Why did it last more than 6 hours? Facebook, Instagram cause of full down
Crying bee.
A whistleblower complaint by a former product manager on Facebook's misinformation team aired last Sunday on US news show 60 Minutes. With the shocking content, the Facebook stock went down, and this time it went down to the Facebook site. It has become an abnormal situation that "disappears" from the internet all over the world for more than 6 hours, including its affiliated services.
What caused the massive failure? Let's take a quick look back.
It started out of the blue
It was around 8:40AM PST on Monday when the system started to crash.
The main target is Facebook, Instagram, WhatsApp, Messenger, Oculus, and Workplace, but even those who log in with Facebook and use "Pokémon GO" etc. are also showing access errors, and they all re-access. The entire network slowed down, and complaints flooded in that they couldn't connect to Verizon, T-Mobile, and AT&T, the three largest mobile carriers in the United States.
It's a funny situation when it goes down to the failure status confirmation site "http://isitdownrightnow.com (is it down or not?)".
From all over the world, the media started making a fuss with ``I can't connect! The current status site was also down, so I had no choice but to announce it on Twitter), and a long, long day started.
Even if I try to recover, I can't enter the Facebook office!
Even though we declared an early recovery, the failure was not limited to outside the company, but Facebook's internal system also went down. Internal Tools, Workchat, Workplace, and Workplace Rooms are no longer available, and communication between employees suddenly switches to SMS and Outlook email.
The employee who rushed to the headquarters to investigate the cause was in a situation where the door would not open even if he held up his employee ID card.

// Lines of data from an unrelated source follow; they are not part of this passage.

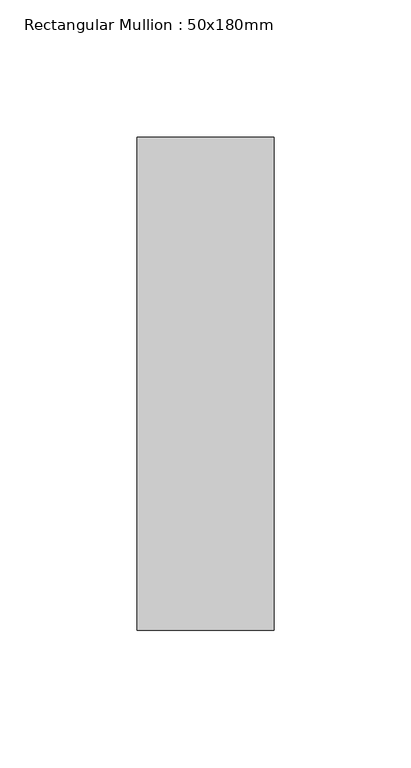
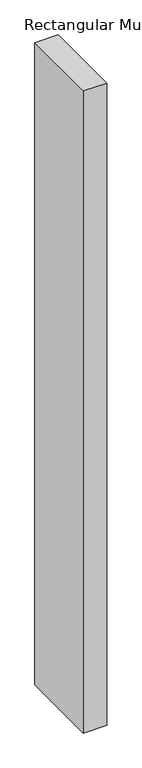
"""IFC4 building model written with IfcOpenShell, lengths in millimetres: member geometry, Rectangular Mullion : 50x180mm."""

from ifc_helpers import new_model, si_unit, frame, origin, place, context, project, spatial, polyline, outline, extrude, source, transform, mapped, element, save


def rectangular_mullion_50x180mm_ee9895d7(model_context):
    return source(origin(), model_context, "Body", "SweptSolid", [
        extrude(outline(polyline([(0.0, 90.0), (0.0, -90.0), (-50.0, -90.0), (-50.0, 90.0), (0.0, 90.0)])), frame((0.0, 0.0, -1457.8124999), z_axis=(0.0, 0.0, 1.0), x_axis=(1.0, 0.0, 0.0)), (0.0, 0.0, 1.0), 1457.8124999),
    ])


if __name__ == "__main__":
    model = new_model("IFC4")
    model_context = context("Model", 3, world=origin())
    ifc_project = project(units=[si_unit("LENGTHUNIT", "METRE", prefix="MILLI")], contexts=[model_context])
    site = spatial("IfcSite", under=ifc_project)
    building = spatial("IfcBuilding", under=site)
    placement = place(None, origin())
    rectangular_mullion_50x180mm_shape = rectangular_mullion_50x180mm_ee9895d7(model_context)
    element("IfcMember", 1, ObjectType="Rectangular Mullion : 50x180mm", at=placement, inside=building, context=model_context, shape_type="MappedRepresentation", body=[
        mapped(rectangular_mullion_50x180mm_shape, transform((0.0, 0.0, 0.0), x_axis=(1.0, 0.0, 0.0), y_axis=(0.0, 1.0, 0.0), z_axis=(0.0, 0.0, 1.0))),
    ])
    save(model, "model.ifc")
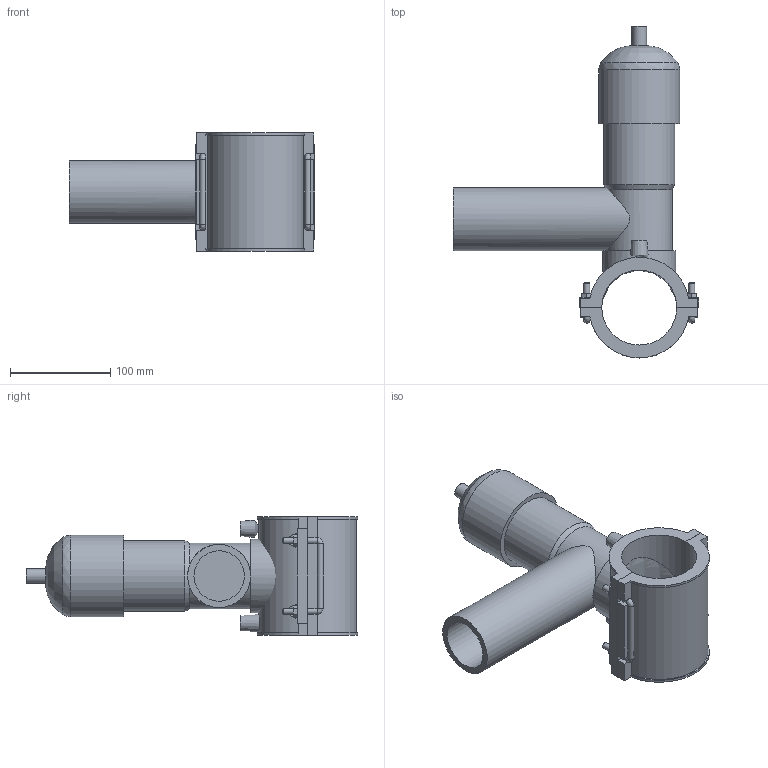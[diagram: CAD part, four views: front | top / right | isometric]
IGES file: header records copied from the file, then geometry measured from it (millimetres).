
Global section: file name: 495404075063.ipt; native system: Autodesk Inventor 2015; preprocessor: unknown; author: KIM; date: 20171106.094241; units: millimetre
Bounding box: 245.5 x 331.71 x 118 mm (x, y, z)
Volume: 1479476.3 mm3; surface area: 220718.1 mm2
Topology: 3 solids, 3 shells, 141 faces, 357 edges, 225 vertices
Faces by surface type: plane 89, cylinder 25, revolution 12, bspline 8, cone 7
Full cylindrical faces by diameter (mm): 4 x2, 6 x10, 14.64 x1, 63 x1, 70.76 x1, 73.2 x1, 81.333 x1
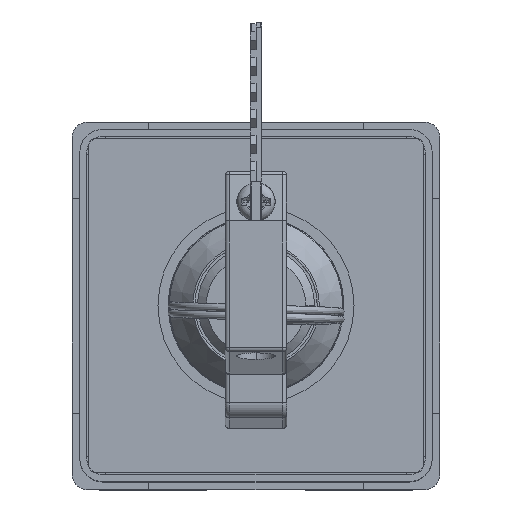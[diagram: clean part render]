
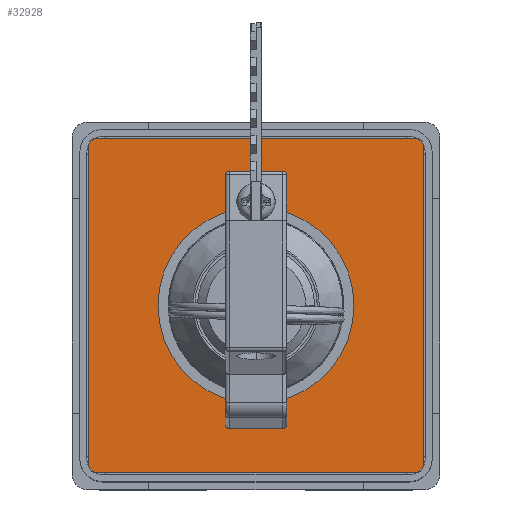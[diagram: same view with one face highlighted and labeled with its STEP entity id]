
A CAD part, top view. The second image highlights one B-rep face of the part: STEP entity #32928.
In plain terms, the highlighted planar face has unit normal (0, 0, 1).
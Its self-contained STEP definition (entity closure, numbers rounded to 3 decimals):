
#295 = VERTEX_POINT ( 'NONE', #50925 ) ;
#1837 = CARTESIAN_POINT ( 'NONE',  ( 6.361, -5.111, -103.332 ) ) ;
#4521 = VERTEX_POINT ( 'NONE', #84391 ) ;
#8515 = CARTESIAN_POINT ( 'NONE',  ( 28.211, 15.739, -103.332 ) ) ;
#11898 = EDGE_LOOP ( 'NONE', ( #24086, #135669, #90610, #24062, #45397, #113508, #64780, #66285 ) ) ;
#16465 = CARTESIAN_POINT ( 'NONE',  ( 28.211, 15.739, -103.332 ) ) ;
#18639 = DIRECTION ( 'NONE',  ( 0., 0., -1. ) ) ;
#20673 = VECTOR ( 'NONE', #52797, 1000. ) ;
#21160 = CARTESIAN_POINT ( 'NONE',  ( -14.489, -25.961, -103.332 ) ) ;
#22022 = EDGE_CURVE ( 'NONE', #64187, #33702, #25926, .T. ) ;
#22755 = CARTESIAN_POINT ( 'NONE',  ( 27.211, 16.739, -103.332 ) ) ;
#24009 = VERTEX_POINT ( 'NONE', #79423 ) ;
#24062 = ORIENTED_EDGE ( 'NONE', *, *, #132516, .F. ) ;
#24086 = ORIENTED_EDGE ( 'NONE', *, *, #39474, .F. ) ;
#24712 = CARTESIAN_POINT ( 'NONE',  ( 27.211, 16.739, -103.332 ) ) ;
#24822 = ORIENTED_EDGE ( 'NONE', *, *, #81996, .T. ) ;
#25926 = CIRCLE ( 'NONE', #157090, 1. ) ;
#28616 = CARTESIAN_POINT ( 'NONE',  ( 27.211, -26.961, -103.332 ) ) ;
#29078 = EDGE_LOOP ( 'NONE', ( #103027, #24822 ) ) ;
#32928 = ADVANCED_FACE ( 'NONE', ( #39634, #35624 ), #162458, .F. ) ;
#33407 = CARTESIAN_POINT ( 'NONE',  ( -6.439, -5.111, -103.332 ) ) ;
#33702 = VERTEX_POINT ( 'NONE', #142821 ) ;
#35593 = DIRECTION ( 'NONE',  ( 0., -1., 0. ) ) ;
#35624 = FACE_OUTER_BOUND ( 'NONE', #11898, .T. ) ;
#39474 = EDGE_CURVE ( 'NONE', #47794, #96043, #147516, .T. ) ;
#39634 = FACE_BOUND ( 'NONE', #29078, .T. ) ;
#41893 = DIRECTION ( 'NONE',  ( -1., 0., 0. ) ) ;
#42762 = DIRECTION ( 'NONE',  ( -1., 0., 0. ) ) ;
#44697 = DIRECTION ( 'NONE',  ( -1., 0., 0. ) ) ;
#45397 = ORIENTED_EDGE ( 'NONE', *, *, #22022, .F. ) ;
#47794 = VERTEX_POINT ( 'NONE', #22755 ) ;
#49764 = DIRECTION ( 'NONE',  ( 1., 0., 0. ) ) ;
#49934 = DIRECTION ( 'NONE',  ( -1., 0., 0. ) ) ;
#50925 = CARTESIAN_POINT ( 'NONE',  ( -14.489, 16.739, -103.332 ) ) ;
#52797 = DIRECTION ( 'NONE',  ( 0., 1., 0. ) ) ;
#53799 = AXIS2_PLACEMENT_3D ( 'NONE', #122629, #18639, #44697 ) ;
#56222 = EDGE_CURVE ( 'NONE', #116575, #71581, #105282, .T. ) ;
#59742 = VECTOR ( 'NONE', #35593, 1000. ) ;
#59847 = DIRECTION ( 'NONE',  ( 0., 0., -1. ) ) ;
#61220 = LINE ( 'NONE', #65386, #20673 ) ;
#61311 = AXIS2_PLACEMENT_3D ( 'NONE', #62437, #140231, #49934 ) ;
#62437 = CARTESIAN_POINT ( 'NONE',  ( 27.211, 15.739, -103.332 ) ) ;
#63962 = EDGE_CURVE ( 'NONE', #295, #47794, #79729, .T. ) ;
#64187 = VERTEX_POINT ( 'NONE', #125635 ) ;
#64780 = ORIENTED_EDGE ( 'NONE', *, *, #78715, .F. ) ;
#65386 = CARTESIAN_POINT ( 'NONE',  ( -15.489, 15.739, -103.332 ) ) ;
#66285 = ORIENTED_EDGE ( 'NONE', *, *, #135710, .F. ) ;
#67660 = CIRCLE ( 'NONE', #100550, 12.8 ) ;
#71581 = VERTEX_POINT ( 'NONE', #120670 ) ;
#76676 = DIRECTION ( 'NONE',  ( -1., 0., 0. ) ) ;
#78715 = EDGE_CURVE ( 'NONE', #24009, #4521, #114215, .T. ) ;
#79423 = CARTESIAN_POINT ( 'NONE',  ( 28.211, -25.961, -103.332 ) ) ;
#79729 = LINE ( 'NONE', #24712, #93974 ) ;
#81996 = EDGE_CURVE ( 'NONE', #71581, #116575, #67660, .T. ) ;
#84391 = CARTESIAN_POINT ( 'NONE',  ( 27.211, -26.961, -103.332 ) ) ;
#90610 = ORIENTED_EDGE ( 'NONE', *, *, #98680, .F. ) ;
#93974 = VECTOR ( 'NONE', #49764, 1000. ) ;
#96043 = VERTEX_POINT ( 'NONE', #16465 ) ;
#98396 = AXIS2_PLACEMENT_3D ( 'NONE', #1837, #119980, #131841 ) ;
#98478 = LINE ( 'NONE', #8515, #59742 ) ;
#98680 = EDGE_CURVE ( 'NONE', #162984, #295, #142264, .T. ) ;
#99812 = DIRECTION ( 'NONE',  ( 0., 0., -1. ) ) ;
#100550 = AXIS2_PLACEMENT_3D ( 'NONE', #112260, #99812, #163404 ) ;
#103027 = ORIENTED_EDGE ( 'NONE', *, *, #56222, .T. ) ;
#105282 = CIRCLE ( 'NONE', #98396, 12.8 ) ;
#106519 = CARTESIAN_POINT ( 'NONE',  ( -15.489, 15.739, -103.332 ) ) ;
#111030 = DIRECTION ( 'NONE',  ( -1., 0., 0. ) ) ;
#112260 = CARTESIAN_POINT ( 'NONE',  ( 6.361, -5.111, -103.332 ) ) ;
#112531 = EDGE_CURVE ( 'NONE', #4521, #64187, #165484, .T. ) ;
#113508 = ORIENTED_EDGE ( 'NONE', *, *, #112531, .F. ) ;
#114215 = CIRCLE ( 'NONE', #155288, 1. ) ;
#116575 = VERTEX_POINT ( 'NONE', #33407 ) ;
#119843 = DIRECTION ( 'NONE',  ( 0., 0., -1. ) ) ;
#119980 = DIRECTION ( 'NONE',  ( 0., 0., -1. ) ) ;
#120670 = CARTESIAN_POINT ( 'NONE',  ( 19.161, -5.111, -103.332 ) ) ;
#120694 = VECTOR ( 'NONE', #42762, 1000. ) ;
#122629 = CARTESIAN_POINT ( 'NONE',  ( -14.489, 15.739, -103.332 ) ) ;
#125635 = CARTESIAN_POINT ( 'NONE',  ( -14.489, -26.961, -103.332 ) ) ;
#131841 = DIRECTION ( 'NONE',  ( -1., 0., 0. ) ) ;
#132516 = EDGE_CURVE ( 'NONE', #33702, #162984, #61220, .T. ) ;
#135669 = ORIENTED_EDGE ( 'NONE', *, *, #63962, .F. ) ;
#135710 = EDGE_CURVE ( 'NONE', #96043, #24009, #98478, .T. ) ;
#139294 = CARTESIAN_POINT ( 'NONE',  ( 27.211, -25.961, -103.332 ) ) ;
#140231 = DIRECTION ( 'NONE',  ( 0., 0., -1. ) ) ;
#141357 = DIRECTION ( 'NONE',  ( 0., 0., -1. ) ) ;
#142264 = CIRCLE ( 'NONE', #53799, 1. ) ;
#142821 = CARTESIAN_POINT ( 'NONE',  ( -15.489, -25.961, -103.332 ) ) ;
#144685 = AXIS2_PLACEMENT_3D ( 'NONE', #158483, #119843, #41893 ) ;
#147516 = CIRCLE ( 'NONE', #144685, 1. ) ;
#155288 = AXIS2_PLACEMENT_3D ( 'NONE', #139294, #59847, #111030 ) ;
#157090 = AXIS2_PLACEMENT_3D ( 'NONE', #21160, #141357, #76676 ) ;
#158483 = CARTESIAN_POINT ( 'NONE',  ( 27.211, 15.739, -103.332 ) ) ;
#162458 = PLANE ( 'NONE',  #61311 ) ;
#162984 = VERTEX_POINT ( 'NONE', #106519 ) ;
#163404 = DIRECTION ( 'NONE',  ( -1., 0., 0. ) ) ;
#165484 = LINE ( 'NONE', #28616, #120694 ) ;
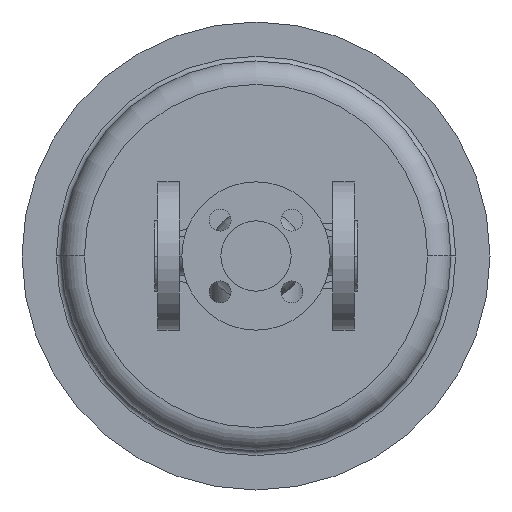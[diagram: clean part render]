
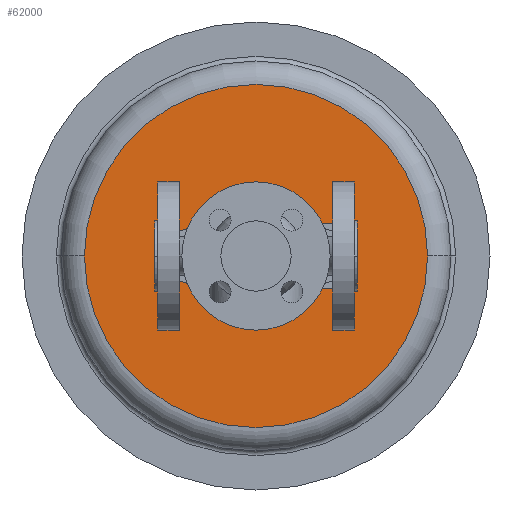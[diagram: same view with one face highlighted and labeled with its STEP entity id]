
A CAD part, front view. The second image highlights one B-rep face of the part: STEP entity #62000.
In plain terms, the highlighted planar face has unit normal (0, -1, 0).
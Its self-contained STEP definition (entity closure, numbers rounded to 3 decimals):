
#51820=CARTESIAN_POINT('',(175.,541.,0.));
#51830=VERTEX_POINT('',#51820);
#51930=CARTESIAN_POINT('',(-45.,541.,0.));
#51940=VERTEX_POINT('',#51930);
#51970=CARTESIAN_POINT('',(65.,541.,0.));
#51980=DIRECTION('',(0.,1.,0.));
#51990=DIRECTION('',(1.,0.,0.));
#52000=AXIS2_PLACEMENT_3D('',#51970,#51980,#51990);
#52010=CIRCLE('',#52000,110.);
#52020=CARTESIAN_POINT('',(65.,541.,-110.));
#52030=VERTEX_POINT('',#52020);
#52040=EDGE_CURVE('',#52030,#51940,#52010,.T.);
#52060=EDGE_CURVE('',#51830,#52030,#52010,.T.);
#52640=CARTESIAN_POINT('',(130.,541.,0.));
#52650=VERTEX_POINT('',#52640);
#52680=CARTESIAN_POINT('',(115.,541.,0.));
#52690=DIRECTION('',(0.,1.,0.));
#52700=DIRECTION('',(1.,0.,0.));
#52710=AXIS2_PLACEMENT_3D('',#52680,#52690,#52700);
#52720=CIRCLE('',#52710,15.);
#52730=CARTESIAN_POINT('',(100.,541.,0.));
#52740=VERTEX_POINT('',#52730);
#52750=EDGE_CURVE('',#52650,#52740,#52720,.T.);
#53060=CARTESIAN_POINT('',(30.,541.,0.));
#53070=VERTEX_POINT('',#53060);
#53230=CARTESIAN_POINT('',(0.,541.,0.));
#53240=VERTEX_POINT('',#53230);
#53270=CARTESIAN_POINT('',(15.,541.,0.));
#53280=DIRECTION('',(0.,1.,0.));
#53290=DIRECTION('',(1.,0.,0.));
#53300=AXIS2_PLACEMENT_3D('',#53270,#53280,#53290);
#53310=CIRCLE('',#53300,15.);
#53320=EDGE_CURVE('',#53240,#53070,#53310,.T.);
#53460=CARTESIAN_POINT('',(46.55,541.,0.));
#53470=VERTEX_POINT('',#53460);
#53520=CARTESIAN_POINT('',(65.,541.,0.));
#53530=DIRECTION('',(0.,1.,0.));
#53540=DIRECTION('',(1.,0.,0.));
#53550=AXIS2_PLACEMENT_3D('',#53520,#53530,#53540);
#53560=CIRCLE('',#53550,18.45);
#53570=CARTESIAN_POINT('',(83.45,541.,0.));
#53580=VERTEX_POINT('',#53570);
#53590=EDGE_CURVE('',#53470,#53580,#53560,.T.);
#61740=CARTESIAN_POINT('',(120.,541.,0.));
#61750=DIRECTION('',(0.,-1.,0.));
#61760=DIRECTION('',(-1.,0.,0.));
#61770=AXIS2_PLACEMENT_3D('',#61740,#61750,#61760);
#61780=PLANE('',#61770);
#61790=EDGE_CURVE('',#53580,#53470,#53560,.T.);
#61800=ORIENTED_EDGE('',*,*,#61790,.T.);
#61810=ORIENTED_EDGE('',*,*,#53590,.T.);
#61820=EDGE_LOOP('',(#61810,#61800));
#61830=FACE_BOUND('',#61820,.T.);
#61840=EDGE_CURVE('',#53070,#53240,#53310,.T.);
#61850=ORIENTED_EDGE('',*,*,#61840,.T.);
#61860=ORIENTED_EDGE('',*,*,#53320,.T.);
#61870=EDGE_LOOP('',(#61860,#61850));
#61880=FACE_BOUND('',#61870,.T.);
#61890=EDGE_CURVE('',#52740,#52650,#52720,.T.);
#61900=ORIENTED_EDGE('',*,*,#61890,.T.);
#61910=ORIENTED_EDGE('',*,*,#52750,.T.);
#61920=EDGE_LOOP('',(#61910,#61900));
#61930=FACE_BOUND('',#61920,.T.);
#61940=ORIENTED_EDGE('',*,*,#52040,.F.);
#61950=EDGE_CURVE('',#51940,#51830,#52010,.T.);
#61960=ORIENTED_EDGE('',*,*,#61950,.F.);
#61970=ORIENTED_EDGE('',*,*,#52060,.F.);
#61980=EDGE_LOOP('',(#61970,#61960,#61940));
#61990=FACE_OUTER_BOUND('',#61980,.T.);
#62000=ADVANCED_FACE('',(#61830,#61880,#61930,#61990),#61780,.T.);
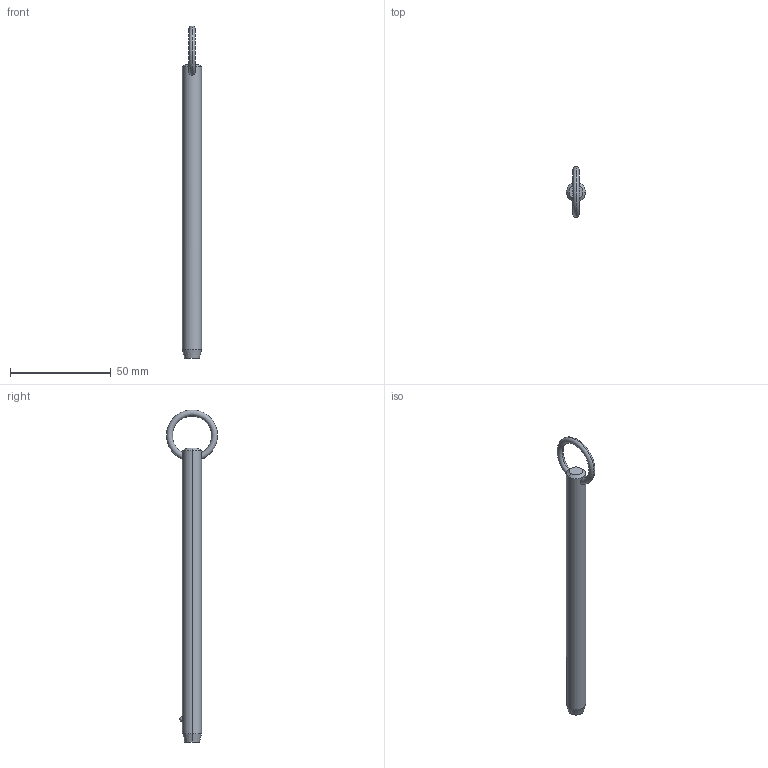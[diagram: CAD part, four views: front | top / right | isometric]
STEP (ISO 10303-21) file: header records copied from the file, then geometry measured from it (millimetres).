
FILE_DESCRIPTION (( 'STEP AP203' ), '1' );
FILE_NAME ('P1250.037-500.step', '2019-07-29T20:12:32', ( '' ), ( '' ), 'SwSTEP 2.0', 'SolidWorks 2017', '' );
FILE_SCHEMA (( 'CONFIG_CONTROL_DESIGN' ));
Length unit declared in the file: millimetre
Products named in the file (1): P1250.037-500
Bounding box: 9.52 x 25.39 x 165.1 mm (x, y, z)
Volume: 10747.1 mm3; surface area: 5010.3 mm2
Topology: 1 solids, 1 shells, 12 faces, 28 edges, 17 vertices
Faces by surface type: cone 4, torus 2, sphere 2, cylinder 2, plane 2
Entity records: 523 total; most frequent: CARTESIAN_POINT 190, DIRECTION 56, ORIENTED_EDGE 48, AXIS2_PLACEMENT_3D 25, EDGE_CURVE 24, VERTEX_POINT 15, EDGE_LOOP 15, CIRCLE 12

In the end, we sent a small team to a data center in Santa Clara near our headquarters to manually reset the server.
Why did it take so long?
Security journalist Bryan Krebb spoke to a trusted source of the recovery, saying, "We discovered that the outage was caused by a mistake in a BGP (Border Gateway Protocol) periodic update, but we were able to remotely "People who could fix it were blocked by the patch. People in the field who had physical access didn't have access to the network. Neither of them could do anything to restore it." An absurd dilemma just like the novel "Catch22".
In the end, a man with an angle grinder (a tool that grinds and cuts metal with a high-speed rotating disk) was brought in to gain access to the server cage. One angle grinder per company. CTOs around the world may be running to buy these days.